• What this task involves: Your answer should be one number: how many lines below have the word "format".

• Supplied entries:
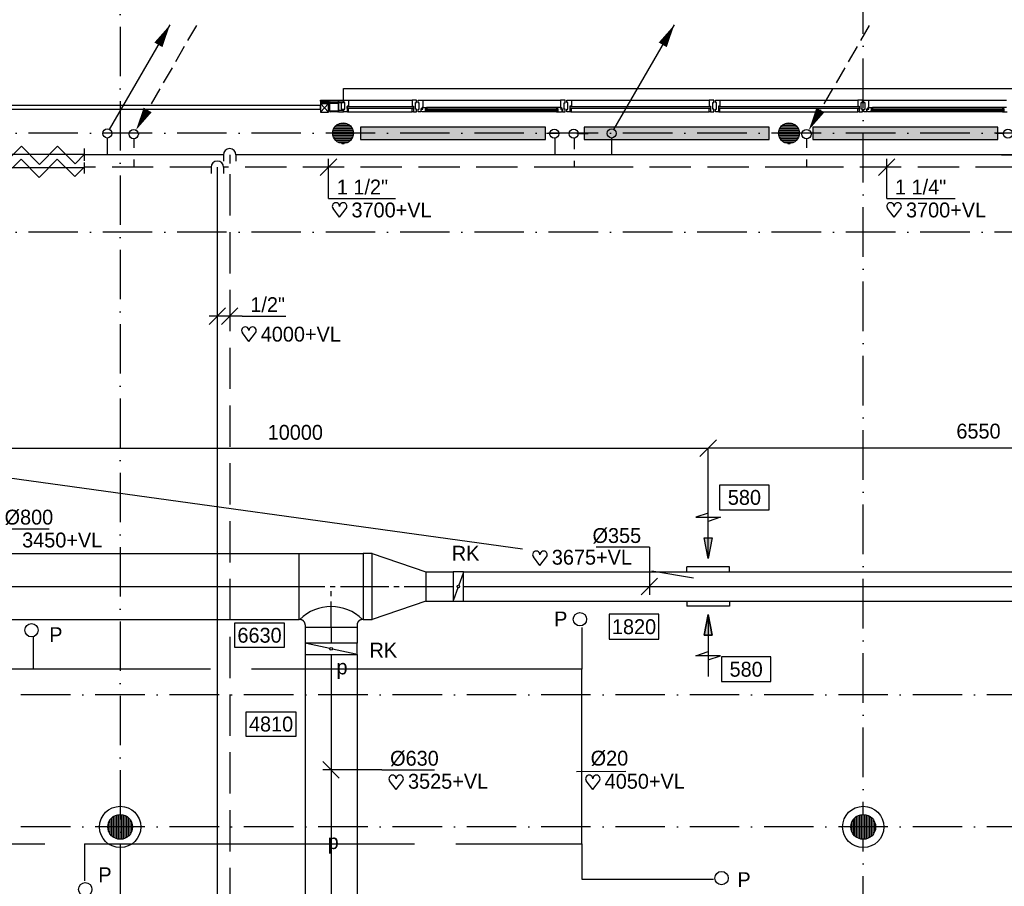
# Model space of a CAD drawing. Extents: x -866131 to -691536, y 173952 to 258052.
# Tile 103 of 160: x -801420 to -789494, y 241302 to 251796. Entities that reach past the tile are written whole.
import ezdxf
from ezdxf.enums import TextEntityAlignment as Align

# ---------------------------------------------------------------- set-up
doc = ezdxf.new("R2010")
doc.units = 0
doc.header["$LTSCALE"] = 100
for name, pattern in [('2322000', [45, 40, -5]), ('2322107', [2000, 1000, 1000]), ('2322108', [7, 5, -2]), ('CENTER2', [11.25, 7.5, -1.25, 1.25, -1.25]), ('CENTER4', [5, 3.125, -0.625, 0.625, -0.625]), ('DASHDOT', [9, 6, -1.5, 0, -1.5]), ('LURETOUR', [6, 4, -2])]:
    doc.linetypes.add(name, pattern=pattern)
doc.layers.get('0').update_dxf_attribs({"linetype": 'CONTINUOUS'})
doc.layers.get('DEFPOINTS').update_dxf_attribs({"linetype": 'CONTINUOUS'})
for name, color, linetype in [('AL$1----_ALGEMEEN', 7, 'CONTINUOUS'), ('AL$7----_STRAMIEN', 1, 'DASHDOT'), ('AL$8----_HULPKOLOM', 2, 'CONTINUOUS'), ('AL21----_BUITENWAND', 4, 'CONTINUOUS'), ('AL28----_KONSTRUKTIE', 3, 'CONTINUOUS'), ('AL31----_BUITENKOZ', 7, 'CONTINUOUS'), ('ALXAA---_GEWBETON', 12, 'CONTINUOUS'), ('ALXOU---_GLAS', 7, 'CONTINUOUS'), ('WI561---', 1, 'CONTINUOUS'), ('WL$1----', 4, 'CONTINUOUS'), ('WL561---', 4, 'CONTINUOUS'), ('WL561---_AANVOER', 4, 'CONTINUOUS'), ('WL561---_RETOUR', 4, 'CONTINUOUS'), ('WL570---', 3, 'CONTINUOUS'), ('WL570---_HARTLIJN', 7, 'CONTINUOUS'), ('WL570---_RETOUR', 3, 'CONTINUOUS'), ('WL570---_TOEVOER', 3, 'CONTINUOUS'), ('WM$1----', 1, 'CONTINUOUS'), ('WM561---', 1, 'CONTINUOUS'), ('WM570---', 1, 'CONTINUOUS')]:
    doc.layers.add(name, color=color, linetype=linetype)
doc.styles.add('BURO-018', font='BUROFONT.shx', dxfattribs={"height": 180})
doc.dimstyles.new('STABICAD', dxfattribs={"dimscale": 100, "dimtxt": 1.8, "dimasz": 0, "dimexe": 0, "dimexo": 2.5, "dimgap": 1.5, "dimtad": 0, "dimzin": 0, "dimtxsty": 'BURO-018', "dimtsz": 1, "dimcen": -3, "dimazin": 3, "dimtfac": 1, "dimtofl": 0, "dimtmove": 0, "dimatfit": 3, "dimtvp": 1.055556, "dimtolj": 1, "dimtzin": 0})

# ---------------------------------------------------------------- blocks, each defined once
blk = doc.blocks.new('LDV1107')
at = {"color": 0, "linetype": 'CONTINUOUS'}
blk.add_line((0.25, 0.43), (6.75, 11.69), dxfattribs=at)
blk.add_lwpolyline([(6.75, 11.69, 0, 1, 0), (5.5, 9.53, 1, 1, 0)], format="xyseb", dxfattribs=at)
blk.add_circle((0, 0), 0.5, dxfattribs=at)
blk = doc.blocks.new('LU-PIJL7')
at = {"color": 0, "linetype": 'CONTINUOUS'}
for p, q in [((0, 0), (-15, 0)), ((-5, -1), (-5, 1)), ((-5, 1), (0, 0)), ((0, 0), (-5, -1))]:
    blk.add_line(p, q, dxfattribs=at)
blk.add_solid([(-5, 1), (-5, -1), (0, 0)], dxfattribs=at)
blk = doc.blocks.new('LU-ORND')
at = {"color": 0, "linetype": 'CONTINUOUS'}
for p, q in [((-3, 1.5), (-3, -1.5)), ((3, 1.5), (-3, 1.5)), ((3, -1.5), (3, 1.5)), ((-3, -1.5), (3, -1.5))]:
    blk.add_line(p, q, dxfattribs=at)
blk = doc.blocks.new('*U84', base_point=(-1228, 70981))
at = {"layer": 'WM570---', "linetype": 'CONTINUOUS'}
for p, q in [((-1228, 71458), (-1874, 71458)), ((-1228, 71458), (-1228, 70881)), ((-1128, 71081), (-1327, 70881))]:
    blk.add_line(p, q, dxfattribs=at)
at = {"layer": 'WM570---', "linetype": 'CONTINUOUS', "style": 'BURO-018'}
blk.add_text('%%c355', height=180, dxfattribs=at).set_placement((-1328, 71508), align=Align.RIGHT)
blk = doc.blocks.new('LU-1D-K-163')
at = {"color": 0, "linetype": 'CONTINUOUS'}
for p, q in [((-0.5, 177.5), (0.5, 177.5)), ((-0.5, -177.5), (0.5, -177.5))]:
    blk.add_line(p, q, dxfattribs=at)
at = {"layer": 'WL570---_HARTLIJN', "linetype": 'CENTER2'}
blk.add_line((-0.5, 0), (0.5, 0), dxfattribs=at)
blk = doc.blocks.new('LU-1D-K-276')
at = {"color": 0, "linetype": 'CONTINUOUS'}
for p, q in [((-0.5, 315), (0.5, 315)), ((-0.5, -315), (0.5, -315))]:
    blk.add_line(p, q, dxfattribs=at)
at = {"layer": 'WL570---_HARTLIJN', "linetype": 'CENTER2'}
blk.add_line((-0.5, 0), (0.5, 0), dxfattribs=at)
blk = doc.blocks.new('LU-PIJL6')
at = {"color": 0, "linetype": 'CONTINUOUS'}
for p, q in [((-5, -1.5), (-5, 1.5)), ((-5, 1.5), (-4.5, 0)), ((0, 0), (-7.5, 0)), ((-5.5, 0), (-5, -1.5)), ((-2.5, -0.5), (-2.5, 0.5)), ((-2.5, 0.5), (0, 0)), ((0, 0), (-2.5, -0.5))]:
    blk.add_line(p, q, dxfattribs=at)
blk.add_solid([(-2.5, 0.5), (-2.5, -0.5), (0, 0)], dxfattribs=at)
blk = doc.blocks.new('LU-1D-T--5A-320276-Q1')
at = {"color": 0, "linetype": 'CONTINUOUS'}
for p, q in [((-387, -400), (-387, 400)), ((-387, 400), (387, 400)), ((387, 400), (387, -400)), ((-379, -400), (-387, -400)), ((-315, -464), (-315, -493)), ((315, -464), (315, -493)), ((387, -400), (379, -400)), ((-315, -493), (315, -493))]:
    blk.add_line(p, q, dxfattribs=at)
at = {"color": 0, "linetype": 'CONTINUOUS', "flags": 128}
for points in [[(-315, -464, 0.02182), (-315, -457, 0.037214), (-316, -453, 0.006436), (-318, -445, 0.02182), (-319, -442, 0.02182), (-321, -437, 0.02182), (-324, -432, 0.02182), (-327, -427, 0.02182), (-330, -423, 0.02182), (-334, -419, 0.02182), (-338, -415, 0.02182), (-342, -412, 0.02182), (-347, -409, 0.02182), (-352, -406, 0.02182), (-357, -404, 0.02182), (-360, -403, 0.006436), (-368, -401, 0.037214), (-372, -400, 0.02182), (-379, -400)], [(379, -400, 0.02182), (372, -400, 0.037214), (368, -401, 0.006436), (360, -403, 0.02182), (357, -404, 0.02182), (352, -406, 0.02182), (347, -409, 0.02182), (342, -412, 0.02182), (338, -415, 0.02182), (334, -419, 0.02182), (330, -423, 0.02182), (327, -427, 0.02182), (324, -432, 0.02182), (321, -437, 0.02182), (319, -442, 0.02182), (318, -445, 0.006436), (316, -453, 0.037214), (315, -457, 0.02182), (315, -464)]]:
    blk.add_lwpolyline(points, format="xyb", dxfattribs=at)
at = {"color": 0, "linetype": 'CONTINUOUS'}
blk.add_arc((0, -779), 536, 45, 135, dxfattribs=at)
at = {"layer": 'WL570---_HARTLIJN', "linetype": 'CENTER4'}
for p, q in [((-387, 0), (387, 0)), ((0, -493), (0, 0))]:
    blk.add_line(p, q, dxfattribs=at)
blk = doc.blocks.new('LU-1D-VCH-32016328B6E')
at = {"color": 0, "linetype": 'CONTINUOUS'}
for p, q in [((110, 400), (0, 400)), ((0, 400), (0, -400)), ((110, 400), (761.3867, 177.5)), ((110, -400), (110, 400)), ((761.3867, 177.5), (761.3867, -177.5)), ((761.3867, -177.5), (110, -400)), ((0, -400), (110, -400))]:
    blk.add_line(p, q, dxfattribs=at)
at = {"layer": 'WL570---_HARTLIJN', "linetype": 'CENTER4'}
blk.add_line((0, 0), (761.3867, 0), dxfattribs=at)
blk = doc.blocks.new('*U125', base_point=(37813, 68761))
at = {"layer": 'WM570---', "linetype": 'CONTINUOUS'}
for p, q in [((37713, 68861), (37912, 68661)), ((38428, 68761), (37713, 68761)), ((38428, 68761), (39067, 68761))]:
    blk.add_line(p, q, dxfattribs=at)
at = {"layer": 'WM570---', "linetype": 'CONTINUOUS', "style": 'BURO-018'}
blk.add_text('%%c630', height=180, dxfattribs=at).set_placement((38528, 68811))
blk = doc.blocks.new('*U127', base_point=(33684, 70981))
at = {"layer": 'WM570---', "linetype": 'CONTINUOUS'}
for p, q in [((33684, 71681), (33684, 70881)), ((33684, 71681), (34324, 71681)), ((33585, 70881), (33784, 71081))]:
    blk.add_line(p, q, dxfattribs=at)
at = {"layer": 'WM570---', "linetype": 'CONTINUOUS', "style": 'BURO-018'}
blk.add_text('%%c800', height=180, dxfattribs=at).set_placement((33784, 71731))
blk = doc.blocks.new('HART')
at = {"color": 1}
for q in [(-28.1, 39.5), (51.4, 39.5)]:
    blk.add_line((11.6, -12.9), q, dxfattribs=at)
for centre, start, end in [((-10.5, 52.8), 0, 217.18669), ((33.8, 52.8), 322.81331, 180)]:
    blk.add_arc(centre, 22.1, start, end, dxfattribs=at)
blk = doc.blocks.new('LU-1D-KL1-1637C')
at = {"color": 0, "linetype": 'CONTINUOUS'}
for p, q in [((-62, 178), (-62, -178)), ((62, 178), (-62, 178)), ((57, 163), (5, 15)), ((62, -178), (62, 178)), ((-5, -15), (-57, -163)), ((-62, -178), (62, -178))]:
    blk.add_line(p, q, dxfattribs=at)
blk.add_circle((0, 0), 15.5, dxfattribs=at)
blk = doc.blocks.new('LU-1D-KL1-27688')
at = {"color": 0, "linetype": 'CONTINUOUS'}
for p, q in [((-68, 315), (-68, -315)), ((68, 315), (-68, 315)), ((64, 298), (4, 17)), ((68, -315), (68, 315)), ((-4, -17), (-64, -298)), ((-68, -315), (68, -315))]:
    blk.add_line(p, q, dxfattribs=at)
blk.add_circle((0, 0), 17, dxfattribs=at)
blk = doc.blocks.new('LU-1D-K-320')
at = {"color": 0, "linetype": 'CONTINUOUS'}
for p, q in [((-0.5, 400), (0.5, 400)), ((-0.5, -400), (0.5, -400))]:
    blk.add_line(p, q, dxfattribs=at)
at = {"layer": 'WL570---_HARTLIJN', "linetype": 'CENTER2'}
blk.add_line((-0.5, 0), (0.5, 0), dxfattribs=at)
blk = doc.blocks.new('2322401')
at = {"color": 0, "linetype": 'CONTINUOUS'}
for p, q in [((-0.5, 0.5, 1), (-0.5, 0.5)), ((-0.5, 0.5, 1), (-0.5, -0.5, 1)), ((0.5, 0.5, 1), (-0.5, 0.5, 1)), ((0.5, 0.5), (-0.5, 0.5)), ((-0.5, 0.5), (-0.5, -0.5)), ((0.5, 0.5, 1), (0.5, 0.5)), ((0.5, -0.5, 1), (0.5, 0.5, 1)), ((0.5, -0.5), (0.5, 0.5)), ((-0.5, -0.5, 1), (-0.5, -0.5)), ((-0.5, -0.5, 1), (0.5, -0.5, 1)), ((-0.5, -0.5), (0.5, -0.5)), ((0.5, -0.5, 1), (0.5, -0.5))]:
    blk.add_line(p, q, dxfattribs=at)
blk = doc.blocks.new('CVHATCH1')
at = {"color": 0, "linetype": 'CONTINUOUS'}
blk.add_solid([(-0.5, -0.5), (0.5, -0.5), (-0.5, 0.5), (0.5, 0.5)], dxfattribs=at)
blk = doc.blocks.new('LDV3108')
at = {"color": 0, "linetype": 'CONTINUOUS'}
for p, q in [((6.75, 11.69), (5.81, 10.07)), ((5.44, 9.42), (4.5, 7.79)), ((4.13, 7.14), (3.19, 5.52)), ((2.81, 4.87), (1.88, 3.25)), ((1.5, 2.6), (0.56, 0.97))]:
    blk.add_line(p, q, dxfattribs=at)
blk.add_lwpolyline([(0.25, 0.43, 0, 1, 0), (1.5, 2.6, 1, 1, 0)], format="xyseb", dxfattribs=at)
blk.add_circle((0, 0), 0.5, dxfattribs=at)
blk = doc.blocks.new('*D335')
at = {"color": 0, "linetype": 'BYBLOCK'}
for p, q in [((39912, 72297), (40112, 72497)), ((40012, 71468), (40012, 72397)), ((46562, 72397), (40012, 72397)), ((46462, 72297), (46662, 72497)), ((46562, 71468), (46562, 72397))]:
    blk.add_line(p, q, dxfattribs=at)
at = {"layer": 'DEFPOINTS', "color": 0, "linetype": 'BYBLOCK'}
for p in [(40012, 72397), (40012, 71218), (46562, 71218)]:
    blk.add_point(p, dxfattribs=at)
at = {"color": 0, "linetype": 'BYBLOCK', "insert": (43287, 72602), "char_height": 180, "attachment_point": 5, "style": 'BURO-018'}
blk.add_mtext('\\A1;6550', dxfattribs=at)
blk = doc.blocks.new('*D336')
at = {"color": 0, "linetype": 'BYBLOCK'}
for p, q in [((29912, 72297), (30112, 72497)), ((30012, 71631), (30012, 72397)), ((30012, 72397), (40012, 72397)), ((39912, 72297), (40112, 72497)), ((40012, 71468), (40012, 72397))]:
    blk.add_line(p, q, dxfattribs=at)
at = {"layer": 'DEFPOINTS', "color": 0, "linetype": 'BYBLOCK'}
for p in [(40012, 72397), (30012, 71381), (40012, 71218)]:
    blk.add_point(p, dxfattribs=at)
at = {"color": 0, "linetype": 'BYBLOCK', "insert": (35012, 72587), "char_height": 180, "attachment_point": 5, "style": 'BURO-018'}
blk.add_mtext('\\A1;10000', dxfattribs=at)
blk = doc.blocks.new('*U426', base_point=(42175, 76058))
at = {"color": 0, "linetype": 'CONTINUOUS'}
for p, q in [((42275, 76158), (42075, 75958)), ((42175, 75678), (42175, 76158)), ((42175, 75678), (43005, 75678))]:
    blk.add_line(p, q, dxfattribs=at)
at = {"color": 0, "linetype": 'CONTINUOUS', "style": 'BURO-018'}
blk.add_text('1 1/4"', height=180, dxfattribs=at).set_placement((42275, 75728))
blk = doc.blocks.new('*U427', base_point=(36851, 76058))
at = {"color": 0, "linetype": 'CONTINUOUS'}
for p, q in [((36951, 76158), (36751, 75958)), ((36851, 75678), (36851, 76158)), ((36851, 75678), (37661, 75678))]:
    blk.add_line(p, q, dxfattribs=at)
at = {"color": 0, "linetype": 'CONTINUOUS', "style": 'BURO-018'}
blk.add_text('1 1/2"', height=180, dxfattribs=at).set_placement((36951, 75728))
blk = doc.blocks.new('LDS')
at = {"color": 0, "linetype": 'CONTINUOUS'}
for p, q in [((0, 1), (1, 1)), ((0, -1), (1, -1))]:
    blk.add_line(p, q, dxfattribs=at)
blk.add_arc((0, 0), 1, 90, 270, dxfattribs=at)
blk = doc.blocks.new('*U430', base_point=(34067, 74253))
at = {"color": 0, "linetype": 'CONTINUOUS'}
for p, q in [((34167, 74353), (33967, 74153)), ((34317, 74353), (34117, 74153)), ((34367, 74253), (33967, 74253)), ((34367, 74253), (34897, 74253))]:
    blk.add_line(p, q, dxfattribs=at)
at = {"color": 0, "linetype": 'CONTINUOUS', "style": 'BURO-018'}
blk.add_text('1/2"', height=180, dxfattribs=at).set_placement((34467, 74303))
blk = doc.blocks.new('2322000-3')
at = {"layer": 'WM$1----', "color": 0, "style": 'BURO-018'}
for p in [(-797516, 243931), (-797623, 241816)]:
    blk.add_text('p', height=180, dxfattribs=at).set_placement(p, align=Align.MIDDLE)

msp = doc.modelspace()

# ---------------------------------------------------------------- linework, layer by layer
at = {"color": 3, "linetype": 'CONTINUOUS'}
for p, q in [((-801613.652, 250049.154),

• Response area: 3